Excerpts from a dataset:

============================================================

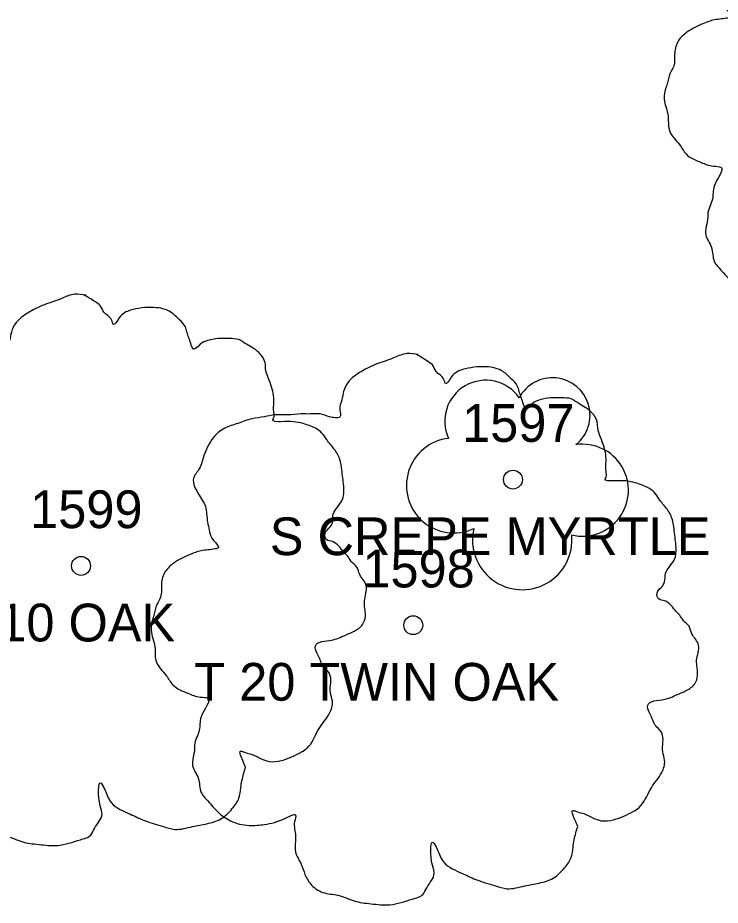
# Model space of a CAD drawing. Extents: x 1965304 to 1970247, y 1117014 to 1118201.
# Drawn here: x 1966620.94 to 1966639.53, y 1117434.12 to 1117457.62 of the extents above; entities that cross this region are included whole.
import ezdxf

# ---------------------------------------------------------------- set-up
doc = ezdxf.new("R2010")
doc.units = 0
doc.layers.add('RD_EX_VEG', color=7, linetype='Continuous')
doc.layers.add('RD_EX_VEG_txCode', color=7, linetype='Continuous')

msp = doc.modelspace()

# ---------------------------------------------------------------- linework, layer by layer
at = {"layer": 'RD_EX_VEG'}
for centre, radius in [((1966634.047, 1117445.393), 0.25), ((1966634.047, 1117445.393), 0.25), ((1966622.611, 1117443.108), 0.25), ((1966622.611, 1117443.108), 0.25), ((1966622.598, 1117443.09), 0.0001), ((1966622.598, 1117443.09), 0.0001), ((1966631.407, 1117441.538), 0.25), ((1966631.407, 1117441.538), 0.25), ((1966631.394, 1117441.519), 0.0001), ((1966631.394, 1117441.519), 0.0001)]:
    msp.add_circle(centre, radius, dxfattribs=at)
for centre, radius, start, end in [((1966633.325, 1117446.94), 1.084, 34.9763, 204.756), ((1966633.325, 1117446.94), 1.084, 34.9763, 204.756), ((1966635.092, 1117447.095), 0.995, 308.7626, 152.0467), ((1966635.092, 1117447.095), 0.995, 308.7626, 152.0467), ((1966632.483, 1117445.237), 1.257, 96.4518, 294.734), ((1966632.483, 1117445.237), 1.257, 96.4518, 294.734), ((1966635.886, 1117445.113), 1.218, 256.5667, 98.1046), ((1966635.886, 1117445.113), 1.218, 256.5667, 98.1046), ((1966634.292, 1117443.796), 1.318, 166.8827, 5.7589), ((1966634.292, 1117443.796), 1.318, 166.8827, 5.7589)]:
    msp.add_arc(centre, radius, start, end, dxfattribs=at)
for points in [[(1966645.126, 1117462.764), (1966644.826, 1117462.789), (1966644.501, 1117462.689), (1966644.251, 1117462.589), (1966644.026, 1117462.514), (1966643.801, 1117462.414), (1966643.501, 1117462.24), (1966643.276, 1117462.04), (1966643.151, 1117461.79), (1966643.101, 1117461.565), (1966643.052, 1117461.29), (1966643.052, 1117461.115), (1966642.927, 1117461.09), (1966642.777, 1117461.115), (1966642.527, 1117461.19), (1966642.277, 1117461.19), (1966642.027, 1117461.19), (1966641.677, 1117461.165), (1966641.327, 1117461.165), (1966641.052, 1117461.115), (1966640.728, 1117461.065), (1966640.353, 1117460.94), (1966640.003, 1117460.815), (1966639.703, 1117460.565), (1966639.453, 1117460.09), (1966639.328, 1117459.741), (1966639.178, 1117459.491), (1966639.328, 1117459.041), (1966639.503, 1117458.691), (1966639.528, 1117458.491), (1966639.603, 1117458.066), (1966639.703, 1117457.841), (1966639.828, 1117457.641), (1966639.753, 1117457.617), (1966639.378, 1117457.567), (1966639.078, 1117457.467), (1966638.653, 1117457.242), (1966638.429, 1117457.017), (1966638.329, 1117456.692), (1966638.304, 1117456.342), (1966638.204, 1117456.142), (1966638.129, 1117455.867), (1966638.104, 1117455.792), (1966638.054, 1117455.467), (1966638.154, 1117455.018), (1966638.179, 1117454.668), (1966638.304, 1117454.443), (1966638.454, 1117454.268), (1966638.628, 1117454.018), (1966639.028, 1117453.793), (1966639.353, 1117453.693), (1966639.553, 1117453.668), (1966639.378, 1117453.168), (1966639.328, 1117452.819), (1966639.203, 1117452.419), (1966639.203, 1117452.344), (1966639.153, 1117451.869), (1966639.303, 1117451.544), (1966639.378, 1117451.169), (1966639.553, 1117450.944), (1966639.828, 1117450.645), (1966640.153, 1117450.42), (1966640.653, 1117450.295), (1966641.052, 1117450.32), (1966641.627, 1117450.495), (1966641.877, 1117450.57), (1966641.852, 1117450.395), (1966641.877, 1117450.02), (1966641.877, 1117449.595), (1966642.027, 1117449.27), (1966642.127, 1117448.995), (1966642.277, 1117448.745), (1966642.602, 1117448.521), (1966643.002, 1117448.446), (1966643.426, 1117448.296), (1966643.876, 1117448.221), (1966644.376, 1117448.196), (1966644.976, 1117448.346), (1966645.251, 1117448.471), (1966645.351, 1117448.645), (1966645.55, 1117449.02), (1966645.5, 1117449.245), (1966645.525, 1117449.845), (1966645.625, 1117449.67), (1966645.8, 1117449.32), (1966646.3, 1117449.02), (1966646.7, 1117448.845), (1966647.175, 1117448.695), (1966647.475, 1117448.62), (1966647.949, 1117448.695), (1966648.324, 1117448.77), (1966648.699, 1117448.895), (1966648.999, 1117449.17), (1966649.174, 1117449.445), (1966649.224, 1117449.72), (1966649.299, 1117450.095), (1966649.349, 1117450.27)], [(1966645.126, 1117462.764), (1966644.826, 1117462.789), (1966644.501, 1117462.689), (1966644.251, 1117462.589), (1966644.026, 1117462.514), (1966643.801, 1117462.414), (1966643.501, 1117462.24), (1966643.276, 1117462.04), (1966643.151, 1117461.79), (1966643.101, 1117461.565), (1966643.052, 1117461.29), (1966643.052, 1117461.115), (1966642.927, 1117461.09), (1966642.777, 1117461.115), (1966642.527, 1117461.19), (1966642.277, 1117461.19), (1966642.027, 1117461.19), (1966641.677, 1117461.165), (1966641.327, 1117461.165), (1966641.052, 1117461.115), (1966640.728, 1117461.065), (1966640.353, 1117460.94), (1966640.003, 1117460.815), (1966639.703, 1117460.565), (1966639.453, 1117460.09), (1966639.328, 1117459.741), (1966639.178, 1117459.491), (1966639.328, 1117459.041), (1966639.503, 1117458.691), (1966639.528, 1117458.491), (1966639.603, 1117458.066), (1966639.703, 1117457.841), (1966639.828, 1117457.641), (1966639.753, 1117457.617), (1966639.378, 1117457.567), (1966639.078, 1117457.467), (1966638.653, 1117457.242), (1966638.429, 1117457.017), (1966638.329, 1117456.692), (1966638.304, 1117456.342), (1966638.204, 1117456.142), (1966638.129, 1117455.867), (1966638.104, 1117455.792), (1966638.054, 1117455.467), (1966638.154, 1117455.018), (1966638.179, 1117454.668), (1966638.304, 1117454.443), (1966638.454, 1117454.268), (1966638.628, 1117454.018), (1966639.028, 1117453.793), (1966639.353, 1117453.693), (1966639.553, 1117453.668), (1966639.378, 1117453.168), (1966639.328, 1117452.819), (1966639.203, 1117452.419), (1966639.203, 1117452.344), (1966639.153, 1117451.869), (1966639.303, 1117451.544), (1966639.378, 1117451.169), (1966639.553, 1117450.944), (1966639.828, 1117450.645), (1966640.153, 1117450.42), (1966640.653, 1117450.295), (1966641.052, 1117450.32), (1966641.627, 1117450.495), (1966641.877, 1117450.57), (1966641.852, 1117450.395), (1966641.877, 1117450.02), (1966641.877, 1117449.595), (1966642.027, 1117449.27), (1966642.127, 1117448.995), (1966642.277, 1117448.745), (1966642.602, 1117448.521), (1966643.002, 1117448.446), (1966643.426, 1117448.296), (1966643.876, 1117448.221), (1966644.376, 1117448.196), (1966644.976, 1117448.346), (1966645.251, 1117448.471), (1966645.351, 1117448.645), (1966645.55, 1117449.02), (1966645.5, 1117449.245), (1966645.525, 1117449.845), (1966645.625, 1117449.67), (1966645.8, 1117449.32), (1966646.3, 1117449.02), (1966646.7, 1117448.845), (1966647.175, 1117448.695), (1966647.475, 1117448.62), (1966647.949, 1117448.695), (1966648.324, 1117448.77), (1966648.699, 1117448.895), (1966648.999, 1117449.17), (1966649.174, 1117449.445), (1966649.224, 1117449.72), (1966649.299, 1117450.095), (1966649.349, 1117450.27)], [(1966622.743, 1117450.276), (1966622.443, 1117450.301), (1966622.118, 1117450.201), (1966621.868, 1117450.101), (1966621.643, 1117450.026), (1966621.418, 1117449.926), (1966621.118, 1117449.751), (1966620.893, 1117449.551), (1966620.768, 1117449.301), (1966620.718, 1117449.076), (1966620.669, 1117448.801), (1966620.669, 1117448.626), (1966620.544, 1117448.601), (1966620.394, 1117448.626), (1966620.144, 1117448.701), (1966619.894, 1117448.701), (1966619.644, 1117448.701), (1966619.294, 1117448.676), (1966618.944, 1117448.676), (1966618.669, 1117448.626), (1966618.345, 1117448.576), (1966617.97, 1117448.451), (1966617.62, 1117448.326), (1966617.32, 1117448.077), (1966617.07, 1117447.602), (1966616.945, 1117447.252), (1966616.795, 1117447.002), (1966616.945, 1117446.552), (1966617.12, 1117446.202), (1966617.145, 1117446.002), (1966617.22, 1117445.578), (1966617.32, 1117445.353), (1966617.445, 1117445.153), (1966617.37, 1117445.128), (1966616.995, 1117445.078), (1966616.695, 1117444.978), (1966616.27, 1117444.753), (1966616.046, 1117444.528), (1966615.946, 1117444.203), (1966615.921, 1117443.853), (1966615.821, 1117443.654), (1966615.746, 1117443.379), (1966615.721, 1117443.304), (1966615.671, 1117442.979), (1966615.771, 1117442.529), (1966615.796, 1117442.179), (1966615.921, 1117441.954), (1966616.071, 1117441.779), (1966616.245, 1117441.529), (1966616.645, 1117441.305), (1966616.97, 1117441.205), (1966617.17, 1117441.18), (1966616.995, 1117440.68), (1966616.945, 1117440.33), (1966616.82, 1117439.93), (1966616.82, 1117439.855), (1966616.77, 1117439.38), (1966616.92, 1117439.055), (1966616.995, 1117438.681), (1966617.17, 1117438.456), (1966617.445, 1117438.156), (1966617.77, 1117437.931), (1966618.27, 1117437.806), (1966618.669, 1117437.831), (1966619.244, 1117438.006), (1966619.494, 1117438.081), (1966619.469, 1117437.906), (1966619.494, 1117437.531), (1966619.494, 1117437.106), (1966619.644, 1117436.782), (1966619.744, 1117436.507), (1966619.894, 1117436.257), (1966620.219, 1117436.032), (1966620.619, 1117435.957), (1966621.043, 1117435.807), (1966621.493, 1117435.732), (1966621.993, 1117435.707), (1966622.593, 1117435.857), (1966622.868, 1117435.982), (1966622.968, 1117436.157), (1966623.167, 1117436.532), (1966623.117, 1117436.757), (1966623.142, 1117437.356), (1966623.242, 1117437.181), (1966623.417, 1117436.831), (1966623.917, 1117436.532), (1966624.317, 1117436.357), (1966624.792, 1117436.207), (1966625.092, 1117436.132), (1966625.566, 1117436.207), (1966625.941, 1117436.282), (1966626.316, 1117436.407), (1966626.616, 1117436.682), (1966626.791, 1117436.956), (1966626.841, 1117437.231), (1966626.916, 1117437.606), (1966626.966, 1117437.781)], [(1966622.743, 1117450.276), (1966622.443, 1117450.301), (1966622.118, 1117450.201), (1966621.868, 1117450.101), (1966621.643, 1117450.026), (1966621.418, 1117449.926), (1966621.118, 1117449.751), (1966620.893, 1117449.551), (1966620.768, 1117449.301), (1966620.718, 1117449.076), (1966620.669, 1117448.801), (1966620.669, 1117448.626), (1966620.544, 1117448.601), (1966620.394, 1117448.626), (1966620.144, 1117448.701), (1966619.894, 1117448.701), (1966619.644, 1117448.701), (1966619.294, 1117448.676), (1966618.944, 1117448.676), (1966618.669, 1117448.626), (1966618.345, 1117448.576), (1966617.97, 1117448.451), (1966617.62, 1117448.326), (1966617.32, 1117448.077), (1966617.07, 1117447.602), (1966616.945, 1117447.252), (1966616.795, 1117447.002), (1966616.945, 1117446.552), (1966617.12, 1117446.202), (1966617.145, 1117446.002), (1966617.22, 1117445.578), (1966617.32, 1117445.353), (1966617.445, 1117445.153), (1966617.37, 1117445.128), (1966616.995, 1117445.078), (1966616.695, 1117444.978), (1966616.27, 1117444.753), (1966616.046, 1117444.528), (1966615.946, 1117444.203), (1966615.921, 1117443.853), (1966615.821, 1117443.654), (1966615.746, 1117443.379), (1966615.721, 1117443.304), (1966615.671, 1117442.979), (1966615.771, 1117442.529), (1966615.796, 1117442.179), (1966615.921, 1117441.954), (1966616.071, 1117441.779), (1966616.245, 1117441.529), (1966616.645, 1117441.305), (1966616.97, 1117441.205), (1966617.17, 1117441.18), (1966616.995, 1117440.68), (1966616.945, 1117440.33), (1966616.82, 1117439.93), (1966616.82, 1117439.855), (1966616.77, 1117439.38), (1966616.92, 1117439.055), (1966616.995, 1117438.681), (1966617.17, 1117438.456), (1966617.445, 1117438.156), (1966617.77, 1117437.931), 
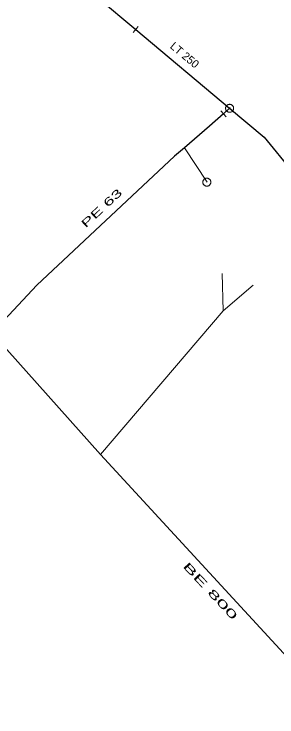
# Model space of a CAD drawing. Extents: x -807203 to -805207, y -993656 to -992505.
# Drawn here: x -805837.6 to -805804.7, y -993521.1 to -993433.3 of the extents above; entities that cross this region are included whole.
import ezdxf

# ---------------------------------------------------------------- set-up
doc = ezdxf.new("R2010")
doc.units = 0
doc.header["$LTSCALE"] = 0.4
for name, color, linetype, lineweight in [('1', 7, 'Continuous', 13), ('11', 7, 'Continuous', 13), ('13', 7, 'Continuous', 13), ('14', 7, 'Continuous', 25), ('17', 7, 'Continuous', 25), ('23', 7, 'Continuous', 13), ('34', 7, 'Continuous', 13), ('47', 7, 'Continuous', 13)]:
    doc.layers.add(name, color=color, linetype=linetype, lineweight=lineweight)

msp = doc.modelspace()

# ---------------------------------------------------------------- linework, layer by layer
at = {"layer": '11'}
msp.add_line((-805811.447, -993470.358), (-805811.581, -993465.673), dxfattribs=at)
msp.add_lwpolyline([(-805807.701, -993467.145), (-805811.447, -993470.358), (-805826.754, -993488.288)], dxfattribs=at)
at = {"layer": '13'}
msp.add_line((-805816.254, -993449.989), (-805813.444, -993454.292), dxfattribs=at)
at = {"layer": '14', "lineweight": 13}
msp.add_line((-805811.384, -993445.766), (-805810.637, -993445.063), dxfattribs=at)
at = {"layer": '14'}
msp.add_lwpolyline([(-805843.754, -993470.162), (-805838.469, -993475.18), (-805826.754, -993488.287), (-805799.036, -993518.404)], dxfattribs=at)
at = {"layer": '17'}
for p, q in [((-805830.275, -993428.564), (-805822.361, -993435.213)), ((-805822.361, -993435.213), (-805810.637, -993445.063))]:
    msp.add_line(p, q, dxfattribs=at)
for points in [[(-805810.637, -993445.063), (-805806.327, -993448.671), (-805795.712, -993461.664), (-805787.671, -993471.416), (-805755.36, -993508.868), (-805722.18, -993547.329), (-805706.16, -993565.899), (-805691.895, -993582.435), (-805667.369, -993617.68)], [(-805811.384, -993445.766), (-805813.146, -993447.293), (-805816.254, -993449.989), (-805817.509, -993451.022), (-805834.715, -993467.127), (-805848.12, -993481.456), (-805848.94, -993482.359), (-805854.633, -993489.281), (-805856.36, -993491.412), (-805860.274, -993496.243), (-805860.927, -993497.096), (-805863.272, -993500.095), (-805876.087, -993516.164)]]:
    msp.add_lwpolyline(points, dxfattribs=at)
at = {"layer": '23'}
for points in [[(-805813.197, -993454.701), (-805813.155, -993454.669), (-805813.116, -993454.633), (-805813.083, -993454.594), (-805813.053, -993454.551), (-805813.027, -993454.506), (-805813.007, -993454.457), (-805812.991, -993454.407), (-805812.981, -993454.357), (-805812.976, -993454.304), (-805812.977, -993454.252), (-805812.982, -993454.2), (-805812.995, -993454.148), (-805813.011, -993454.099), (-805813.033, -993454.052), (-805813.059, -993454.007), (-805813.092, -993453.964), (-805813.126, -993453.927), (-805813.167, -993453.891), (-805813.208, -993453.862), (-805813.253, -993453.835), (-805813.303, -993453.816), (-805813.353, -993453.8), (-805813.405, -993453.79), (-805813.456, -993453.784), (-805813.508, -993453.786), (-805813.561, -993453.792), (-805813.611, -993453.804), (-805813.661, -993453.821), (-805813.708, -993453.843), (-805813.753, -993453.869), (-805813.795, -993453.9), (-805813.834, -993453.936), (-805813.869, -993453.976), (-805813.899, -993454.018), (-805813.923, -993454.063), (-805813.944, -993454.112), (-805813.96, -993454.162), (-805813.97, -993454.214), (-805813.975, -993454.265)], [(-805813.167, -993453.891), (-805813.208, -993453.862), (-805813.253, -993453.835), (-805813.303, -993453.816), (-805813.353, -993453.8), (-805813.405, -993453.79), (-805813.456, -993453.784), (-805813.508, -993453.786), (-805813.561, -993453.792), (-805813.611, -993453.804), (-805813.661, -993453.821), (-805813.708, -993453.843), (-805813.753, -993453.869), (-805813.795, -993453.9), (-805813.834, -993453.936), (-805813.869, -993453.976), (-805813.899, -993454.018), (-805813.923, -993454.063), (-805813.944, -993454.112), (-805813.96, -993454.162), (-805813.97, -993454.214), (-805813.975, -993454.265), (-805813.974, -993454.317), (-805813.968, -993454.37), (-805813.957, -993454.42), (-805813.939, -993454.47), (-805813.917, -993454.517), (-805813.891, -993454.562), (-805813.859, -993454.603), (-805813.824, -993454.642), (-805813.784, -993454.678), (-805813.741, -993454.707), (-805813.696, -993454.733), (-805813.649, -993454.754), (-805813.598, -993454.768), (-805813.547, -993454.779), (-805813.495, -993454.784), (-805813.442, -993454.784), (-805813.39, -993454.777), (-805813.339, -993454.765)], [(-805813.975, -993454.265), (-805813.974, -993454.317), (-805813.968, -993454.37), (-805813.957, -993454.42), (-805813.939, -993454.47), (-805813.917, -993454.517), (-805813.891, -993454.562), (-805813.859, -993454.603), (-805813.824, -993454.642), (-805813.784, -993454.678), (-805813.741, -993454.707), (-805813.696, -993454.733), (-805813.649, -993454.754), (-805813.598, -993454.768), (-805813.547, -993454.779), (-805813.495, -993454.784), (-805813.442, -993454.784), (-805813.39, -993454.777), (-805813.339, -993454.765), (-805813.29, -993454.748), (-805813.243, -993454.726), (-805813.197, -993454.701), (-805813.155, -993454.669), (-805813.116, -993454.633), (-805813.083, -993454.594), (-805813.053, -993454.551), (-805813.027, -993454.506), (-805813.007, -993454.457), (-805812.991, -993454.407), (-805812.981, -993454.357), (-805812.976, -993454.304), (-805812.977, -993454.252), (-805812.982, -993454.2), (-805812.995, -993454.148), (-805813.011, -993454.099), (-805813.033, -993454.052), (-805813.059, -993454.007), (-805813.092, -993453.964), (-805813.126, -993453.927), (-805813.167, -993453.891)], [(-805813.339, -993454.765), (-805813.29, -993454.748), (-805813.243, -993454.726), (-805813.197, -993454.701)]]:
    msp.add_lwpolyline(points, dxfattribs=at)
at = {"layer": '34'}
for p, q in [((-805822.039, -993434.829), (-805822.683, -993435.595)), ((-805811.056, -993446.143), (-805811.711, -993445.387))]:
    msp.add_line(p, q, dxfattribs=at)
at = {"layer": '47'}
for points in [[(-805810.253, -993445.383), (-805810.222, -993445.341), (-805810.194, -993445.296), (-805810.173, -993445.248), (-805810.156, -993445.199), (-805810.144, -993445.148), (-805810.138, -993445.095), (-805810.138, -993445.044), (-805810.142, -993444.992), (-805810.152, -993444.941), (-805810.167, -993444.89), (-805810.188, -993444.842), (-805810.214, -993444.796), (-805810.243, -993444.754), (-805810.278, -993444.714), (-805810.316, -993444.679), (-805810.358, -993444.648), (-805810.403, -993444.62), (-805810.451, -993444.598), (-805810.5, -993444.582), (-805810.551, -993444.57), (-805810.604, -993444.564), (-805810.656, -993444.563), (-805810.708, -993444.568), (-805810.759, -993444.577), (-805810.809, -993444.593), (-805810.857, -993444.614), (-805810.903, -993444.639), (-805810.945, -993444.669), (-805810.985, -993444.704), (-805811.02, -993444.742), (-805811.051, -993444.784), (-805811.079, -993444.829), (-805811.101, -993444.877), (-805811.117, -993444.926), (-805811.129, -993444.977), (-805811.136, -993445.029), (-805811.137, -993445.082), (-805811.132, -993445.134), (-805811.122, -993445.185), (-805811.106, -993445.235), (-805811.085, -993445.283), (-805811.06, -993445.329), (-805811.03, -993445.371), (-805810.995, -993445.411), (-805810.957, -993445.446), (-805810.915, -993445.477), (-805810.87, -993445.505), (-805810.823, -993445.527), (-805810.773, -993445.543), (-805810.722, -993445.555), (-805810.67, -993445.562), (-805810.618, -993445.562), (-805810.566, -993445.557), (-805810.515, -993445.547), (-805810.464, -993445.532), (-805810.416, -993445.511), (-805810.371, -993445.486), (-805810.328, -993445.456), (-805810.288, -993445.421)], [(-805810.574, -993445.115), (-805810.568, -993445.108), (-805810.564, -993445.101), (-805810.561, -993445.093), (-805810.558, -993445.085), (-805810.556, -993445.076), (-805810.555, -993445.068), (-805810.554, -993445.059), (-805810.555, -993445.051), (-805810.557, -993445.043), (-805810.56, -993445.034), (-805810.563, -993445.026), (-805810.567, -993445.019), (-805810.572, -993445.012), (-805810.577, -993445.005), (-805810.584, -993445), (-805810.591, -993444.994), (-805810.598, -993444.99), (-805810.606, -993444.987), (-805810.614, -993444.984), (-805810.623, -993444.982), (-805810.631, -993444.981), (-805810.64, -993444.98), (-805810.648, -993444.981), (-805810.657, -993444.983), (-805810.665, -993444.986), (-805810.673, -993444.989), (-805810.68, -993444.993), (-805810.687, -993444.998), (-805810.694, -993445.003), (-805810.699, -993445.01), (-805810.705, -993445.017), (-805810.709, -993445.024), (-805810.712, -993445.032), (-805810.715, -993445.04), (-805810.717, -993445.049), (-805810.719, -993445.056), (-805810.719, -993445.066), (-805810.718, -993445.074), (-805810.716, -993445.083), (-805810.713, -993445.091), (-805810.71, -993445.099), (-805810.706, -993445.106), (-805810.701, -993445.113), (-805810.696, -993445.12), (-805810.689, -993445.125), (-805810.682, -993445.131), (-805810.675, -993445.135), (-805810.667, -993445.138), (-805810.659, -993445.141), (-805810.65, -993445.143), (-805810.643, -993445.145), (-805810.633, -993445.145), (-805810.625, -993445.144), (-805810.617, -993445.142), (-805810.608, -993445.139), (-805810.6, -993445.136), (-805810.593, -993445.132), (-805810.586, -993445.127), (-805810.579, -993445.122)]]:
    msp.add_lwpolyline(points, close=True, dxfattribs=at)

# ---------------------------------------------------------------- texts
at = {"layer": '1'}
msp.add_text('LT 250', height=1, rotation=320, dxfattribs=at).set_placement((-805818.161, -993437.454))
for s, rotation, width, p in [('PE 63 ', 43, 1.75, (-805828.61, -993460.063)), ('BE 800', 313, 2.1, (-805816.551, -993502.296))]:
    msp.add_text(s, height=1, rotation=rotation, dxfattribs=dict(at, width=width)).set_placement(p)

doc.saveas('drawing.dxf')

============================================================

--- Activity ---
Print the lines above from the one with "for centre, radius, start, end" through the one with "msp.add_arc(centre, radius, start, end, dxfattribs=at)", both included, exactly as written and nothing more.

--- Response area ---
for centre, radius, start, end in [((1966633.325, 1117446.94), 1.084, 34.9763, 204.756), ((1966633.325, 1117446.94), 1.084, 34.9763, 204.756), ((1966635.092, 1117447.095), 0.995, 308.7626, 152.0467), ((1966635.092, 1117447.095), 0.995, 308.7626, 152.0467), ((1966632.483, 1117445.237), 1.257, 96.4518, 294.734), ((1966632.483, 1117445.237), 1.257, 96.4518, 294.734), ((1966635.886, 1117445.113), 1.218, 256.5667, 98.1046), ((1966635.886, 1117445.113), 1.218, 256.5667, 98.1046), ((1966634.292, 1117443.796), 1.318, 166.8827, 5.7589), ((1966634.292, 1117443.796), 1.318, 166.8827, 5.7589)]:
    msp.add_arc(centre, radius, start, end, dxfattribs=at)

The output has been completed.